# When will they move?



## lancet (Dec 8, 2011)

It's been really warm where I live the past few weeks and my trap line has been non productive. We had a big storm hit last night that brought in 4" of fresh powder which makes me feel a little better. With the snow it is going to make the predators move right? My bobcats should be traveling looking for mates and with the snow they should really be moving right? Ever since the warm weather the coyotes in the area left but now that we got weather again will they be back in the area?

Thanks for all the input


----------



## Ruger (Jan 22, 2011)

I'm going thru almost the same scenario. Been unseasonably warm here with a chance of weather tonight. Have caught a couple of gray fox but no cats yet. Missed a cat a couple of days ago. Where ya located at? Good luck!


----------



## lancet (Dec 8, 2011)

Ruger, I am I'm south west Wyoming. I have caught one cat this year but it was a few weeks ago


----------



## Ruger (Jan 22, 2011)

lancet said:


> Ruger, I am I'm south west Wyoming. I have caught one cat this year but it was a few weeks ago. I'm in southwest Colorado but my trapline is on the AZ/NM border. Keep me posted on how you do. I have a brother and brother-in-law working in Wamsutter. Are you anywhere close to there?


----------



## lancet (Dec 8, 2011)

That is cool I sure will. Do they weld? My grandpa is a welding boss in wamsutter. I live 30 min from Evanston and about 2 hours from wamsutter


----------



## Ruger (Jan 22, 2011)

My brother-in-law is a welder. They are working for D&D Oilfield service.
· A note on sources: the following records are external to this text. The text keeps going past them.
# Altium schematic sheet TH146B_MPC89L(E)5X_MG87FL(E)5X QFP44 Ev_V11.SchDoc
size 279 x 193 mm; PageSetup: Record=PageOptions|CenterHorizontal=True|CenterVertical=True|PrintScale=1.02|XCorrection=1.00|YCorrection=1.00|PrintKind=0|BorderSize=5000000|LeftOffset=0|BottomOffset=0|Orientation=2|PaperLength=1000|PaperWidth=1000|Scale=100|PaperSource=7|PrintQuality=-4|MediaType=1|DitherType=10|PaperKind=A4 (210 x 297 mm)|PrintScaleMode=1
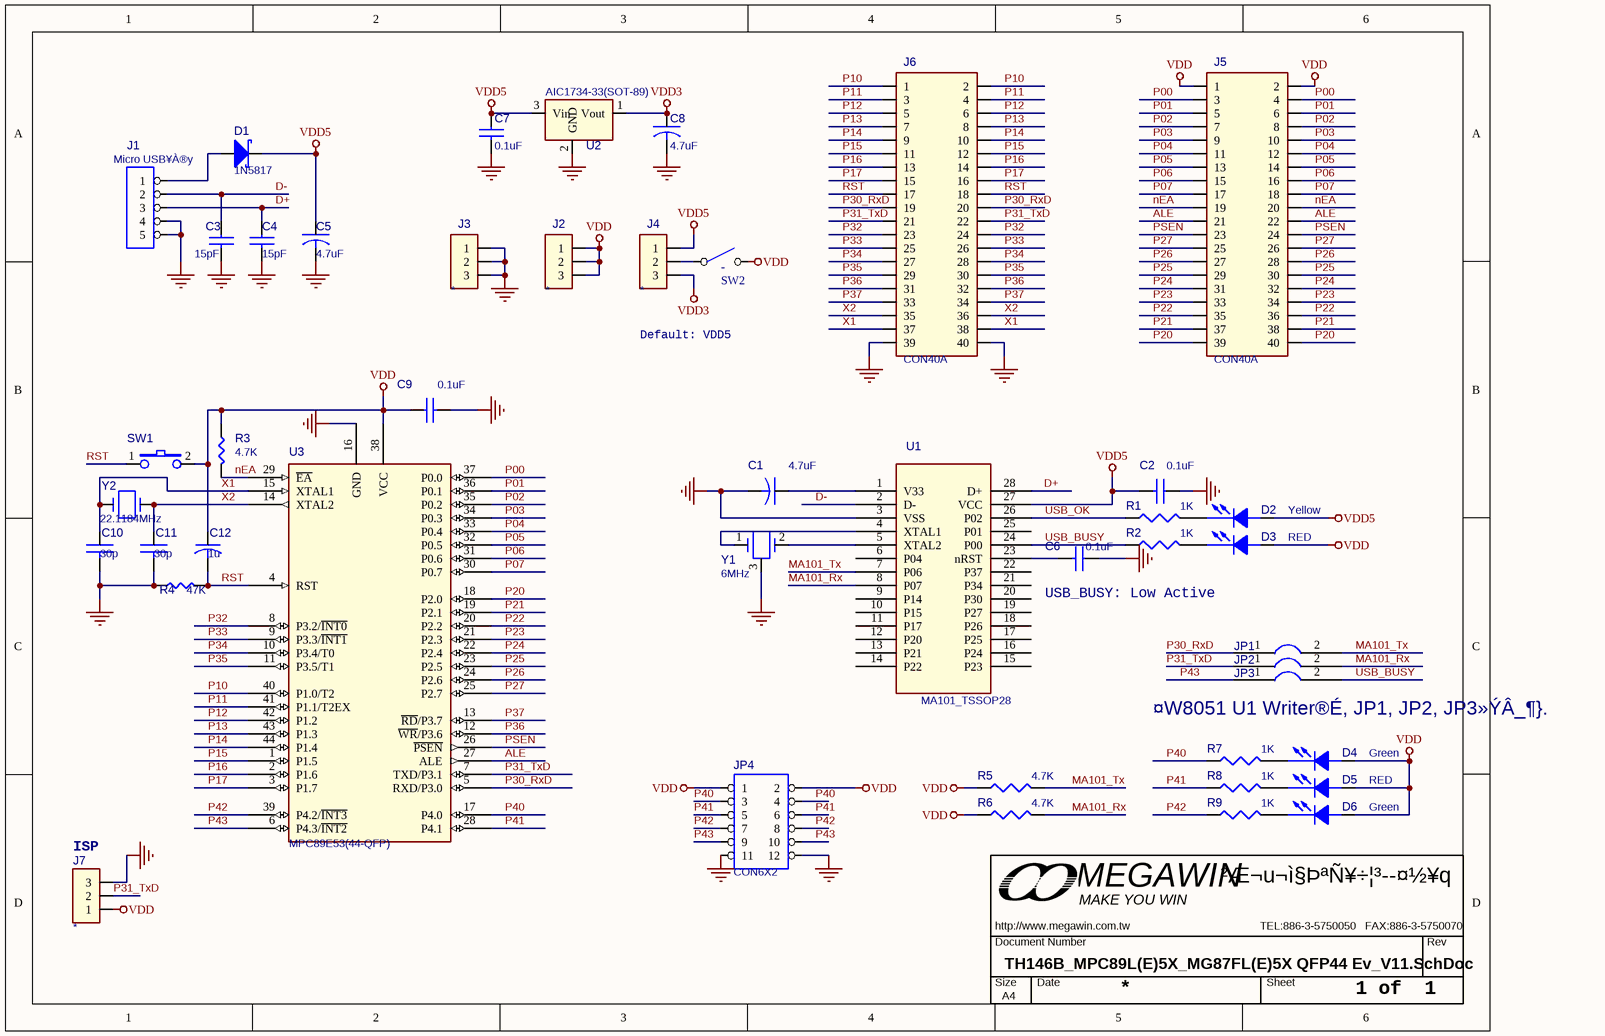
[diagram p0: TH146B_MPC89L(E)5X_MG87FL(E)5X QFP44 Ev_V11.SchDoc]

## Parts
C1  4.7uF  [0805C]
C2  0.1uF  [0805C]
C3  15pF  [0805C]
C4  15pF  [0805C]
C5  4.7uF  [1206C]
C6  0.1uF  [0805C]
C7  0.1uF  [0805C]
C8  4.7uF  [0805C]
C9  0.1uF  [0805C]
C10  30p  [0805C]
C11  30p  [0805C]
C12  1u  [0805C]
D1  1N5817  [D5817_SMD_1]
D2  Yellow  [0805D]
D3  RED  [0805D]
D4  Green  [0805D]
D5  RED  [0805D]
D6  Green  [0805D]
J1  Micro USB¥À®y  [JACK_USB_SMD290X220P065]
J2  *  [PS3P254]
J3  *  [PS3P254]
J4  *  [JUMP3_SMD]
J5  CON40A  [PS20X2P254]
J6  CON40A  [PS20X2P254]
J7  *  [PS3P254f_90]
JP1  JUMPER2  [PS2P254]  (value not drawn)
JP2  JUMPER2  [PS2P254]  (value not drawn)
JP3  JUMPER2  [PS2P254]  (value not drawn)
JP4  CON6X2  [PS6X2P254]
MW1  OrgName: ²Æ¬u¬ì§ÞªÑ¥÷¦³­­¤½¥q  OrgAddr1: MEGAWIN  OrgAddr3: TEL:886-3-5750050   FAX:886-3-5750070  Page Size: A4  [MEGAWIN_T]  (hidden comment: MW-A4)  (no BOM)
R1  1K  [0805R]
R2  1K  [0805R]
R3  4.7K  [0805R]
R4  47K  [0805R]
R5  4.7K  [0805R]
R6  4.7K  [0805R]
R7  1K  [0805R]
R8  1K  [0805R]
R9  1K  [0805R]
SW1  SW TACT-SPST  [SW_T_2P]  (value not drawn)
SW2  -  [DIP2_SW]
U1  MA101_TSSOP28  [TSSOP28_170P065]
U2  AIC1734-33(SOT-89)  [SOT89]
U3  MPC89E53(44-QFP)  [QFP44_10X10P080]
Y1  6MHz  [X3P]
Y2  22.1184MHz  [X49U]

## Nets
GND_POWER: C1.2 C2.1 C3.2 C4.2 C5.2 C6.1 C7.2 C8.2 C9.2 C10.2 C11.2 J1.4 J1.5 J3.1 J3.2 J3.3 J6.39 J6.40 J7.3 JP4.11 JP4.12 R4.1 U1.3(VSS) U2.2(GND) U3.16(GND) Y1.3
VDD: C9.1 C12.1(POS) D3.1(ANODE) D4.1(ANODE) D5.1(ANODE) D6.1(ANODE) J2.1 J2.2 J2.3 J5.1 J5.2 J7.1 JP4.1 JP4.2 R3.1 R5.1 R6.1 SW1.2 SW2.2(NO) U3.38(VCC)
VDD3: C8.1 J4.3 U2.1(Vout)
VDD5: C2.2 C5.1 C7.1 D1.2(K) D2.1(ANODE) J4.1 U1.27(VCC) U2.3(Vin)
ALE: J5.21 J5.22 U3.27(ALE)
D+: C4.1 J1.3 U1.28(D+)
D-: C3.1 J1.2 U1.2(D-)
MA101_Rx: JP2.2 R6.2 U1.8(P07)
MA101_Tx: JP1.2 R5.2 U1.7(P06)
nEA: J5.19 J5.20 R3.2 U3.29(~{EA})
P00: J5.3 J5.4 U3.37(P0.0)
P01: J5.5 J5.6 U3.36(P0.1)
P02: J5.7 J5.8 U3.35(P0.2)
P03: J5.9 J5.10 U3.34(P0.3)
P04: J5.11 J5.12 U3.33(P0.4)
P05: J5.13 J5.14 U3.32(P0.5)
P06: J5.15 J5.16 U3.31(P0.6)
P07: J5.17 J5.18 U3.30(P0.7)
P10: J6.1 J6.2 U3.40(P1.0/T2)
P11: J6.3 J6.4 U3.41(P1.1/T2EX)
P12: J6.5 J6.6 U3.42(P1.2)
P13: J6.7 J6.8 U3.43(P1.3)
P14: J6.9 J6.10 U3.44(P1.4)
P15: J6.11 J6.12 U3.1(P1.5)
P16: J6.13 J6.14 U3.2(P1.6)
P17: J6.15 J6.16 U3.3(P1.7)
P20: J5.39 J5.40 U3.18(P2.0)
P21: J5.37 J5.38 U3.19(P2.1)
P22: J5.35 J5.36 U3.20(P2.2)
P23: J5.33 J5.34 U3.21(P2.3)
P24: J5.31 J5.32 U3.22(P2.4)
P25: J5.29 J5.30 U3.23(P2.5)
P26: J5.27 J5.28 U3.24(P2.6)
P27: J5.25 J5.26 U3.25(P2.7)
P30_RxD: J6.19 J6.20 JP1.1 U3.5(RXD/P3.0)
P31_TxD: J6.21 J6.22 J7.2 JP2.1 U3.7(TXD/P3.1)
P32: J6.23 J6.24 U3.8(P3.2/~{INT0})
P33: J6.25 J6.26 U3.9(P3.3/~{INT1})
P34: J6.27 J6.28 U3.10(P3.4/T0)
P35: J6.29 J6.30 U3.11(P3.5/T1)
P36: J6.31 J6.32 U3.12(~{WR}/P3.6)
P37: J6.33 J6.34 U3.13(~{RD}/P3.7)
P40: JP4.3 JP4.4 R7.1 U3.17(P4.0)
P41: JP4.5 JP4.6 R8.1 U3.28(P4.1)
P42: JP4.7 JP4.8 R9.1 U3.39(P4.2/~{INT3})
P43: JP3.1 JP4.9 JP4.10 U3.6(P4.3/~{INT2})
PSEN: J5.23 J5.24 U3.26(~{PSEN})
RST: C12.2(NEG) J6.17 J6.18 R4.2 SW1.1 U3.4(RST)
USB_BUSY: JP3.2 R2.1 U1.24(P00)
USB_OK: R1.1 U1.26(P02)
X1: C10.1 J6.37 J6.38 U3.15(XTAL1) Y2.1
X2: C11.1 J6.35 J6.36 U3.14(XTAL2) Y2.2
NetC1_1: C1.1 U1.1(V33)
NetC6_2: C6.2 U1.23(nRST)
NetD1_1: D1.1(A) J1.1
NetD2_2: D2.2(CATHODE) R1.2
NetD3_2: D3.2(CATHODE) R2.2
NetD4_2: D4.2(CATHODE) R7.2
NetD5_2: D5.2(CATHODE) R8.2
NetD6_2: D6.2(CATHODE) R9.2
NetJ4_2: J4.2 SW2.1(COMMON)
NetU1_4: U1.4(XTAL1) Y1.1
NetU1_5: U1.5(XTAL2) Y1.2

Not connected (* = marked no-connect by the designer): U1 6(P04) 9(P14) 10(P15) 11(P17) 12(P20) 13(P21) 14(P22) 15(P23) 16(P24) 17(P25) 18(P26) 19(P27) 20(P30) 21(P34) 22(P37) 25(P01)

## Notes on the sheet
- Default: VDD5
- USB_BUSY: Low Active
- ¤W8051 U1 Writer®É, JP1, JP2, JP3»ÝÂ_¶}.
- (near J7) ISP
- 1 of  1

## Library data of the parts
C1 C5 C8 = CAP
C2-C4 C6 C7 C9 = CAP NP
C10 C11 = C NP
C12 = C
D1 = DIODE_ZD: Schottky Diode
D2-D6 = LED
J1 = CON5: Connector
J2-J4 J7 = CON3
R1 R2 R5-R9 = R_Dup1
R3 R4 = R
SW2 = SW-2
U2 = AIC1734-33(SOT-89)_0
U3 = MPC89L53(44-QFP)
Y1 = CRYSTAL_RC
Y2 = CRYSTAL

Its a company my uncle is running. My brother is just now getting into oilfield work. Kinda sucks for me cuz my brother is my calling partner and he has been out of town a lot lately and we haven't had the chance to hunt together as often as we usually do. Maybe he'll make enough $ to support our " addiction" to predator hunting.


----------



## lancet (Dec 8, 2011)

Lol that is awesome. That is who my grandpa works for and he is one of the higher welding bosses out there. They make really good money.


----------



## Ruger (Jan 22, 2011)

Awesome! I don't know if my brother-in-law is welding for them yet, I'll have to ask. I think they are doing the orientation this next week. Before Xmas they were in. North Dakota building and installing buildings around some of the sights up there.


----------



## lancet (Dec 8, 2011)

My uncle worked in north Dakota on some locations for my grandpa and just got back right before Xmas


----------